Purpose:
In this role, you will be responsible for the end-to-end design and development of autonomous driving frameworks. You will integrate mainstream perception, prediction, and planning technologies into a unified modeling system, leveraging both vision-only and vision-language modeling paradigms, to support autonomous driving tasks across urban and highway scenarios.
You will play a key role in advancing end-to-end and hybrid architectures, including the exploration of Vision-Language Models (VLMs) to enhance scene understanding, reasoning, and decision-making robustness in complex driving environments.
Responsibilities:
- Lead the design and implementation of end-to-end autonomous driving models, including one-stage (sensor-to-control) and two-stage (e.g., perceptionplanning decoupled) architectures.

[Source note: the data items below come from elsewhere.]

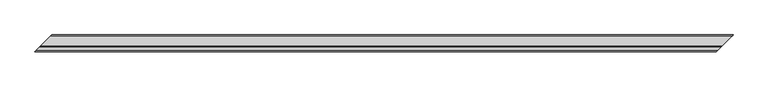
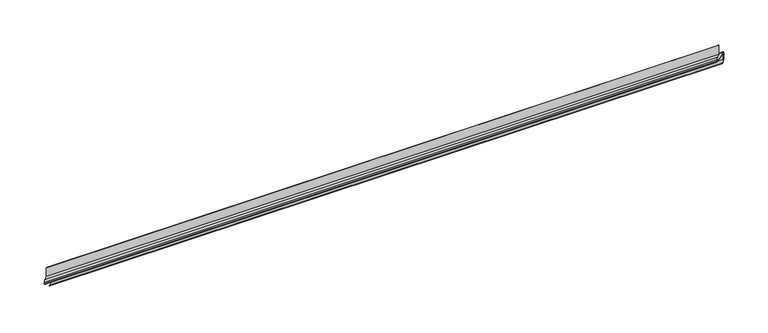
"""IFC4 building model written with IfcOpenShell, lengths in millimetres: proxy geometry, Слив_цоколя : Тип."""

from ifc_helpers import new_model, si_unit, frame, origin, place, context, project, spatial, polyline, ellipse_curve, source, transform, mapped, element, save
from ifc_brep_helpers import plane_surface, cylinder_surface, revolved_surface, advanced_brep


def generic_models_8cf6980d(model_context):
    return source(origin(), model_context, "Body", "AdvancedBrep", [
        advanced_brep(
        [(-1512.9555242, 220.7097399, -35.1867822), (-1505.3886675, 228.2765966, -42.0595371), (1791.9418608, 228.2765966, -42.0595371), (1784.3750041, 220.7097399, -35.1867822), (-1488.6652641, 245.0, -34.6571153), (1808.6652641, 245.0, -34.6571153), (-1488.6652641, 245.0, 0.0), (1808.6652641, 245.0, 0.0), (-1492.394436, 241.2708281, 4.8358035), (1804.9360923, 241.2708281, 4.8358035), (-1523.6652641, 210.0, 13.8714094), (-1563.7004721, 169.964792, 25.4394549), (1733.6300562, 169.964792, 25.4394549), (1773.6652641, 210.0, 13.8714094), (-1567.429644, 166.2356202, 30.2752584), (1729.9008843, 166.2356202, 30.2752584), (-1567.429644, 166.2356202, 37.8625579), (1729.9008843, 166.2356202, 37.8625579), (-1562.429644, 171.2356202, 42.8625579), (1734.9008843, 171.2356202, 42.8625579), (-1543.6652641, 190.0, 42.8625579), (1753.6652641, 190.0, 42.8625579), (-1543.6652641, 190.0, 90.6442999), (1753.6652641, 190.0, 90.6442999), (-1545.6652641, 188.0, 90.6442999), (1751.6652641, 188.0, 90.6442999), (-1545.6652641, 188.0, 44.8625579), (1751.6652641, 188.0, 44.8625579), (-1562.429644, 171.2356202, 44.8625579), (1734.9008843, 171.2356202, 44.8625579), (-1569.429644, 164.2356202, 37.8625579), (1727.9008843, 164.2356202, 37.8625579), (-1569.429644, 164.2356202, 30.2752584), (1727.9008843, 164.2356202, 30.2752584), (-1564.2342668, 169.4309974, 23.5118764), (1733.0962615, 169.4309974, 23.5118764), (-1523.6652641, 210.0, 11.7895927), (-1492.9233051, 240.741959, 2.9068018), (1804.4072231, 240.741959, 2.9068018), (1773.6652641, 210.0, 11.7895927), (-1490.6652641, 243.0, 0.0), (1806.6652641, 243.0, 0.0), (-1490.6652641, 243.0, -34.6571153), (1806.6652641, 243.0, -34.6571153), (-1504.0439868, 229.6212773, -40.5790527), (1793.2865415, 229.6212773, -40.5790527), (-1511.5396777, 222.1255864, -33.7709357), (1785.7908506, 222.1255864, -33.7709357)],
        [
            (0, 1),
            (1, 2),
            (2, 3),
            (3, 0),
            (1, 4, ellipse_curve(frame((-1498.6652641, 235.0, -34.6571153), z_axis=(0.7071067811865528, -0.7071067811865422, 0.0), x_axis=(0.7071067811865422, 0.7071067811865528, 0.0)), 14.1421356, 10.0)),
            (4, 5),
            (5, 2, ellipse_curve(frame((1798.6652641, 235.0, -34.6571153), z_axis=(-0.7071067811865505, 0.7071067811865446, 0.0), x_axis=(0.7071067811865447, 0.7071067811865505, 0.0)), 14.1421356, 10.0)),
            (4, 6),
            (6, 7),
            (7, 5),
            (6, 8, ellipse_curve(frame((-1493.6652641, 240.0, 0.0), z_axis=(0.7071067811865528, -0.7071067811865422, 0.0), x_axis=(0.7071067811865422, 0.7071067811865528, 0.0)), 7.0710678, 5.0)),
            (8, 9),
            (9, 7, ellipse_curve(frame((1803.6652641, 240.0, 0.0), z_axis=(-0.7071067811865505, 0.7071067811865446, 0.0), x_axis=(0.7071067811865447, 0.7071067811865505, 0.0)), 7.0710678, 5.0)),
            (8, 10),
            (10, 11),
            (11, 12),
            (12, 13),
            (13, 9),
            (11, 14, ellipse_curve(frame((-1562.429644, 171.2356202, 30.2752584), z_axis=(-0.7071067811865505, 0.7071067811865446, 0.0), x_axis=(-0.7071067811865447, -0.7071067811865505, 0.0)), 7.0710678, 5.0)),
            (14, 15),
            (15, 12, ellipse_curve(frame((1734.9008843, 171.2356202, 30.2752584), z_axis=(0.7071067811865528, -0.7071067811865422, 0.0), x_axis=(-0.7071067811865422, -0.7071067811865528, 0.0)), 7.0710678, 5.0)),
            (14, 16),
            (16, 17),
            (17, 15),
            (16, 18, ellipse_curve(frame((-1562.429644, 171.2356202, 37.8625579), z_axis=(-0.7071067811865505, 0.7071067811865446, 0.0), x_axis=(-0.7071067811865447, -0.7071067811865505, 0.0)), 7.0710678, 5.0)),
            (18, 19),
            (19, 17, ellipse_curve(frame((1734.9008843, 171.2356202, 37.8625579), z_axis=(0.7071067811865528, -0.7071067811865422, 0.0), x_axis=(-0.7071067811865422, -0.7071067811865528, 0.0)), 7.0710678, 5.0)),
            (18, 20),
            (20, 21),
            (21, 19),
            (20, 22),
            (22, 23),
            (23, 21),
            (22, 24),
            (24, 25),
            (25, 23),
            (24, 26),
            (26, 27),
            (27, 25),
            (26, 28),
            (28, 29),
            (29, 27),
            (28, 30, ellipse_curve(frame((-1562.429644, 171.2356202, 37.8625579), z_axis=(0.7071067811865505, -0.7071067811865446, 0.0), x_axis=(0.7071067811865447, 0.7071067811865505, 0.0)), 9.8994949, 7.0)),
            (30, 31),
            (31, 29, ellipse_curve(frame((1734.9008843, 171.2356202, 37.8625579), z_axis=(-0.7071067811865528, 0.7071067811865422, 0.0), x_axis=(0.7071067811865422, 0.7071067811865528, 0.0)), 9.8994949, 7.0)),
            (30, 32),
            (32, 33),
            (33, 31),
            (32, 34, ellipse_curve(frame((-1562.429644, 171.2356202, 30.2752584), z_axis=(0.7071067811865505, -0.7071067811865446, 0.0), x_axis=(0.7071067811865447, 0.7071067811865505, 0.0)), 9.8994949, 7.0)),
            (34, 35),
            (35, 33, ellipse_curve(frame((1734.9008843, 171.2356202, 30.2752584), z_axis=(-0.7071067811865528, 0.7071067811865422, 0.0), x_axis=(0.7071067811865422, 0.7071067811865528, 0.0)), 9.8994949, 7.0)),
            (36, 37),
            (37, 38),
            (38, 39),
            (39, 35),
            (34, 36),
            (37, 40, ellipse_curve(frame((-1493.6652641, 240.0, 0.0), z_axis=(-0.7071067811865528, 0.7071067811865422, 0.0), x_axis=(-0.7071067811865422, -0.7071067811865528, 0.0)), 4.2426407, 3.0)),
            (40, 41),
            (41, 38, ellipse_curve(frame((1803.6652641, 240.0, 0.0), z_axis=(0.7071067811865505, -0.7071067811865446, 0.0), x_axis=(-0.7071067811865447, -0.7071067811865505, 0.0)), 4.2426407, 3.0)),
            (40, 42),
            (42, 43),
            (43, 41),
            (42, 44, ellipse_curve(frame((-1498.6652641, 235.0, -34.6571153), z_axis=(-0.7071067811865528, 0.7071067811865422, 0.0), x_axis=(-0.7071067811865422, -0.7071067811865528, 0.0)), 11.3137085, 8.0)),
            (44, 45),
            (45, 43, ellipse_curve(frame((1798.6652641, 235.0, -34.6571153), z_axis=(0.7071067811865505, -0.7071067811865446, 0.0), x_axis=(-0.7071067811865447, -0.7071067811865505, 0.0)), 11.3137085, 8.0)),
            (44, 46),
            (46, 47),
            (47, 45),
            (46, 0),
            (3, 47),
            (36, 10),
            (39, 13),
        ],
        [
            plane_surface(frame((2273.6652641, 220.7097399, -35.1867822), z_axis=(0.0, -0.6723403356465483, -0.7402421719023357), x_axis=(-1.0, 0.0, 0.0))),
            cylinder_surface(frame((-2023.6652641, 235.0, -34.6571153), z_axis=(1.0, 0.0, 0.0), x_axis=(0.0, 1.0, 0.0)), 10.0),
            plane_surface(frame((2273.6652641, 245.0, -34.6571153), z_axis=(0.0, 1.0, 0.0), x_axis=(-1.0, 0.0, 0.0))),
            cylinder_surface(frame((-2023.6652641, 240.0, 0.0), z_axis=(1.0, 0.0, 0.0), x_axis=(0.0, 1.0, 0.0)), 5.0),
            plane_surface(frame((2273.6652641, 241.2708281, 4.8358035), z_axis=(0.0, 0.27759100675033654, 0.9606993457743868), x_axis=(-1.0, 0.0, 0.0))),
            revolved_surface(polyline([(-1567.429644, 176.2356202, 30.2752584), (1739.90088429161, 176.2356202, 30.2752584)]), (-2023.6652641, 171.2356202, 30.2752584), (-1.0, 0.0, 0.0)),
            plane_surface(frame((2273.6652641, 166.2356202, 30.2752584), z_axis=(0.0, 1.0, 0.0), x_axis=(-1.0, 0.0, 0.0))),
            revolved_surface(polyline([(-1567.429644, 176.2356202, 37.8625579), (1739.90088429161, 176.2356202, 37.8625579)]), (-2023.6652641, 171.2356202, 37.8625579), (-1.0, 0.0, 0.0)),
            plane_surface(frame((2273.6652641, 171.2356202, 42.8625579), z_axis=(0.0, 0.0, -1.0), x_axis=(-1.0, 0.0, 0.0))),
            plane_surface(frame((2273.6652641, 190.0, 42.8625579), z_axis=(0.0, 1.0, 0.0), x_axis=(-1.0, 0.0, 0.0))),
            plane_surface(frame((2273.6652641, 190.0, 90.6442999), z_axis=(0.0, 0.0, 1.0), x_axis=(-1.0, 0.0, 0.0))),
            plane_surface(frame((2273.6652641, 188.0, 90.6442999), z_axis=(0.0, -1.0, 0.0), x_axis=(-1.0, 0.0, 0.0))),
            plane_surface(frame((2273.6652641, 188.0, 44.8625579), z_axis=(0.0, 0.0, 1.0), x_axis=(-1.0, 0.0, 0.0))),
            cylinder_surface(frame((-2023.6652641, 171.2356202, 37.8625579), z_axis=(1.0, 0.0, 0.0), x_axis=(0.0, 1.0, 0.0)), 7.0),
            plane_surface(frame((2273.6652641, 164.2356202, 37.8625579), z_axis=(0.0, -1.0, 0.0), x_axis=(-1.0, 0.0, 0.0))),
            cylinder_surface(frame((-2023.6652641, 171.2356202, 30.2752584), z_axis=(1.0, 0.0, 0.0), x_axis=(0.0, 1.0, 0.0)), 7.0),
            plane_surface(frame((2273.6652641, 169.4309974, 23.5118764), z_axis=(0.0, -0.2775910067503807, -0.960699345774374), x_axis=(-1.0, 0.0, 0.0))),
            revolved_surface(polyline([(-1496.6652641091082, 243.0, 0.0), (1806.6652641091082, 243.0, 0.0)]), (-2023.6652641, 240.0, 0.0), (-1.0, 0.0, 0.0)),
            plane_surface(frame((2273.6652641, 243.0, 0.0), z_axis=(0.0, -1.0, 0.0), x_axis=(-1.0, 0.0, 0.0))),
            revolved_surface(polyline([(-1506.6652641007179, 243.0, -34.6571153), (1806.665264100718, 243.0, -34.6571153)]), (-2023.6652641, 235.0, -34.6571153), (-1.0, 0.0, 0.0)),
            plane_surface(frame((2273.6652641, 229.6212773, -40.5790527), z_axis=(0.0, 0.6723403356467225, 0.7402421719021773), x_axis=(-1.0, 0.0, 0.0))),
            plane_surface(frame((2273.6652641, 222.1255864, -33.7709357), z_axis=(0.0, -0.7071067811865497, 0.7071067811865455), x_axis=(-1.0, 0.0, 0.0))),
            plane_surface(frame((-1523.6652641, 210.0, 508.0), z_axis=(-0.7071067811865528, 0.7071067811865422, 0.0), x_axis=(0.7071067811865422, 0.7071067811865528, 0.0))),
            plane_surface(frame((-1523.6652641, 210.0, 508.0), z_axis=(-0.7071067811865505, 0.7071067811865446, 0.0), x_axis=(-0.7071067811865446, -0.7071067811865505, 0.0))),
            plane_surface(frame((1773.6652641, 210.0, -508.0), z_axis=(0.7071067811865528, -0.7071067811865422, 0.0), x_axis=(-0.7071067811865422, -0.7071067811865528, 0.0))),
            plane_surface(frame((1773.6652641, 210.0, -508.0), z_axis=(0.7071067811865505, -0.7071067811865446, 0.0), x_axis=(0.7071067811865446, 0.7071067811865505, 0.0))),
        ],
        [
            (0, [[1, 2, 3, 4]]),
            (1, [[5, 6, 7, -2]]),
            (2, [[8, 9, 10, -6]]),
            (3, [[11, 12, 13, -9]]),
            (4, [[14, 15, 16, 17, 18, -12]]),
            (5, [[19, 20, 21, -16]]),
            (6, [[22, 23, 24, -20]]),
            (7, [[25, 26, 27, -23]]),
            (8, [[28, 29, 30, -26]]),
            (9, [[31, 32, 33, -29]]),
            (10, [[34, 35, 36, -32]]),
            (11, [[37, 38, 39, -35]]),
            (12, [[40, 41, 42, -38]]),
            (13, [[43, 44, 45, -41]]),
            (14, [[46, 47, 48, -44]]),
            (15, [[49, 50, 51, -47]]),
            (16, [[52, 53, 54, 55, -50, 56]]),
            (17, [[57, 58, 59, -53]]),
            (18, [[60, 61, 62, -58]]),
            (19, [[63, 64, 65, -61]]),
            (20, [[66, 67, 68, -64]]),
            (21, [[69, -4, 70, -67]]),
            (22, [[71, -14, -11, -8, -5, -1, -69, -66, -63, -60, -57, -52]]),
            (23, [[-71, -56, -49, -46, -43, -40, -37, -34, -31, -28, -25, -22, -19, -15]]),
            (24, [[72, -17, -21, -24, -27, -30, -33, -36, -39, -42, -45, -48, -51, -55]]),
            (25, [[-72, -54, -59, -62, -65, -68, -70, -3, -7, -10, -13, -18]]),
        ],
    ),
    ])


if __name__ == "__main__":
    model = new_model("IFC4")
    model_context = context("Model", 3, world=origin())
    ifc_project = project(units=[si_unit("LENGTHUNIT", "METRE", prefix="MILLI")], contexts=[model_context])
    site = spatial("IfcSite", under=ifc_project)
    building = spatial("IfcBuilding", under=site)
    placement = place(None, origin())
    generic_models_shape = generic_models_8cf6980d(model_context)
    element("IfcBuildingElementProxy", 1, Name="Слив_цоколя : Тип", ObjectType="Слив_цоколя : Тип", at=placement, inside=building, context=model_context, shape_type="MappedRepresentation", body=[
        mapped(generic_models_shape, transform((0.0, 0.0, 0.0), x_axis=(1.0, 0.0, 0.0), y_axis=(0.0, 1.0, 0.0), z_axis=(0.0, 0.0, 1.0))),
    ])
    save(model, "model.ifc")

Define model structures, training pipelines, and optimization strategies for stable and explainable planning outputs.
- Drive the development of pure vision-based end-to-end systems, integrating multi-task capabilities such as BEV perception, static and dynamic occupancy inference, trajectory prediction, and planning.
- Explore and apply Vision-Language Models (VLMs) to improve high-level scene understanding, semantic reasoning, and cross-modal representation learning for autonomous driving tasks.
- Optimize and deploy models on embedded platforms, including inference acceleration, post-processing, system-level integration, performance tuning, stability validation, and on-road testing.
- Deliver production-ready solutions for elevated highways and urban driving scenarios, enabling scalable deployment and continuous progression toward higher levels of autonomy.
Qualification/ Requirements:
- Ph.D. degree in Computer Science, Artificial Intelligence, Robotics, or a related field.
- Strong foundation in autonomous driving systems, with hands-on experience in end-to-end deep learningbased modeling.
- Practical experience in planning, control, or decision-making modules using deep learning approaches.
- Experience or strong interest in Vision-Language Models (VLMs), multimodal learning, or cross-modal representation learning, particularly in applications involving visual scene understanding and reasoning.
- Proficiency in C/C++ and Python, with experience in real-time inference deployment and performance optimization.
- Familiarity with BEV-based representations, occupancy prediction, and multi-task learning frameworks.
- Experience with system integration and real-vehicle testing is a strong plus.
- Strong problem-solving skills, adaptability to complex real-world scenarios, and a results-driven mindset.
- Strong mathematical foundation in optimization techniques relevant to computer vision and deep learning.